If a supervisor disagrees with a final decision, they can ask the asylum officer to go back and redo it. Knowles himself, who has been an asylum officer since the creation of a dedicated asylum corps in the early 1990s, has had only three cases where a supervisor disagreed with his assessment, and “in none of those cases,” he says, “was I forced to do something I didn’t believe in.”
Here’s how MPP is working: “If you want to go positive, you will face Herculean efforts to get it through,” one union member told Vox. “If your supervisor says yes, headquarters will probably say no.”
Every union member Vox spoke to said that even though most of the decisions in MPP screening interviews are negative, given the high legal standard, the rare positives are the only ones getting reviewed at asylum headquarters.
One union member told Vox that a top USCIS staffer had claimed all MPP cases were “eventually” reviewed, but none of the union members who spoke to Vox had ever heard of any questioning or review of a negative decision. “I have no idea what it could be,” one said.

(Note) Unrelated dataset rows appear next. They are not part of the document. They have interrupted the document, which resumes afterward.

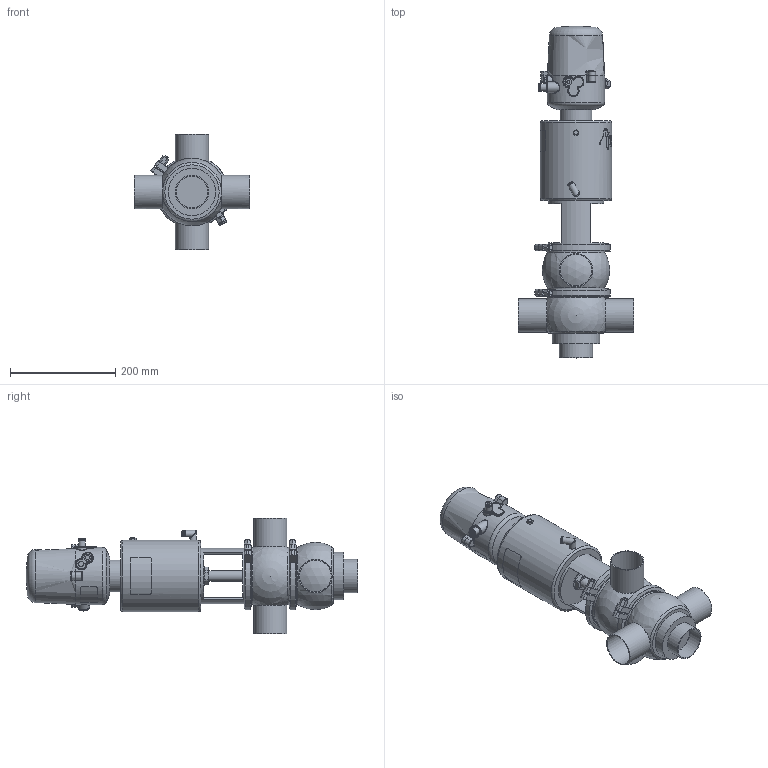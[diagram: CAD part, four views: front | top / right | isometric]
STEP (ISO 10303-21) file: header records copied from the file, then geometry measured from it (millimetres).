
FILE_DESCRIPTION (( 'STEP AP214' ), '1' );
FILE_NAME ('INNOVA K G W OD 2½ T3 AS NC & C-TOP S_10.240.16.0082.STEP', '2024-08-06T09:06:01', ( '' ), ( '' ), 'SwSTEP 2.0', 'SolidWorks 2023', '' );
FILE_SCHEMA (( 'AUTOMOTIVE_DESIGN' ));
Length unit declared in the file: millimetre
Products named in the file (8): INNOVA K G W OD 2½ T3 AS NC & C-TOP S_10.240.16.0082; 10.426.15.0001_C-TOP S - 1 EV; 10.240.15.0014_T3 AS P0; 10.240.15.0007_OD 2½"; 10.240.15.0010_DN 065; 10.240.15.0001_DN 065; 10.240.15.0017_Estàndard; 10.240.15.0003_OD 2½"
Assembly tree (8 placements, depth 2):
  INNOVA K G W OD 2½ T3 AS NC & C-TOP S_10.240.16.0082
    10.240.15.0007_OD 2½"
    10.240.15.0003_OD 2½"
    10.240.15.0010_DN 065
    10.240.15.0014_T3 AS P0
    10.240.15.0017_Estàndard
    10.426.15.0001_C-TOP S - 1 EV
    10.240.15.0001_DN 065  x2
Bounding box: 220 x 631.5 x 220 mm (x, y, z)
Volume: 5994020.1 mm3; surface area: 506951.3 mm2
Topology: 8 solids, 8 shells, 1180 faces, 2852 edges, 1900 vertices
Faces by surface type: plane 412, cylinder 360, cone 201, bspline 160, torus 37, sphere 10
Full cylindrical faces by diameter (mm): 0.371 x17, 0.512 x16, 0.658 x16, 0.795 x16, 0.94 x15, 1.098 x15, 1.241 x13, 1.382 x13, 1.523 x11, 1.669 x10, 2.201 x1, 4 x2, 5.5 x2, 6 x2, 6.15 x1, 8 x6, 8.5 x1, 10 x1, 10.5 x1, 11 x2, 12.5 x3, 13 x2, 13.5 x2, 16 x1, 17 x3, 20 x3, 20.5 x1, 22 x2, 31 x1, 34.5 x3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
Entity records: 58233 total; most frequent: CARTESIAN_POINT 27890, ORIENTED_EDGE 4530, DIRECTION 3681, EDGE_CURVE 2265, VERTEX_POINT 1614, EDGE_LOOP 1585, AXIS2_PLACEMENT_3D 1512, FACE_OUTER_BOUND 1343

Multiple union members reported that a supervisor was told not to issue any positive MPP decisions without checking with the other officers on their team, and with headquarters. One reported that the supervisor was told that “the front office” — upper-level management — “has eyes on these cases,” and that “they’ve already been complaining about you granting people.”
In two other cases, union members said, both the asylum officer conducting the interview and the supervisor agreed that an interviewee who had been kidnapped by cartels while traveling through Mexico shouldn’t be sent back, but headquarters overruled them.
In both cases, part of the explanation for the denial was that the cartels had not explicitly named the “particular social group” identified by the asylum officer as the reason they were targeting the migrant — something that, again, officers say they are usually trusted to identify themselves.
Typically, one union member said, asylum officers are taught to use a “reasonable man” standard — if a reasonable person could conclude, based on the facts available, that someone was being targeted based on group membership, that is sufficient to allow them to stay. (In one of the cases overruled by headquarters, for example, the asylum seeker was treated differently from his fellow captives — something that under a “reasonable man” standard could have been used to demonstrate he was being targeted whether the cartels explicitly said so or not.) But in this case, they said, “I wasn’t allowed to go positive” on those grounds.
“I’m afraid this is the end”
The asylum corps was already feeling ground down before MPP went into effect: They’ve had to implement other Trump administration efforts to restrict asylum, from DOJ decisions limiting domestic and gang violence claims to the short-lived “asylum ban,” while doing more screening interviews than ever.
But to many of them, MPP feels like a bright line has been crossed: They are no longer being trusted to do their jobs, no longer allowed to use the discretion they are supposed to have as adjudicators to protect the integrity of the asylum system while upholding the principle of non-refoulement.
A senior union member said that three younger colleagues had come to them in tears over their involvement in MPP, saying, “I don’t know that I can do this.”
They’re waiting to see what happens in the ongoing litigation over the program. But even if MPP is put on hold, they feel, there will just be some other attempt to override their discretion and force them to push people back — something that MPP has shown is possible.
A younger asylum officer told Vox, “I want to be able to say, when I’m Michael [Knowles]’s age, that I’ve been working in this field as long as he has” — longer than the younger asylum officer has even been alive.
“I’m afraid I’m not going to be able to,” they told me. “I’m afraid this is the end of the program.”
Correction: This article has been corrected to reflect Michael Knowles’ position in the union representing USCIS officers.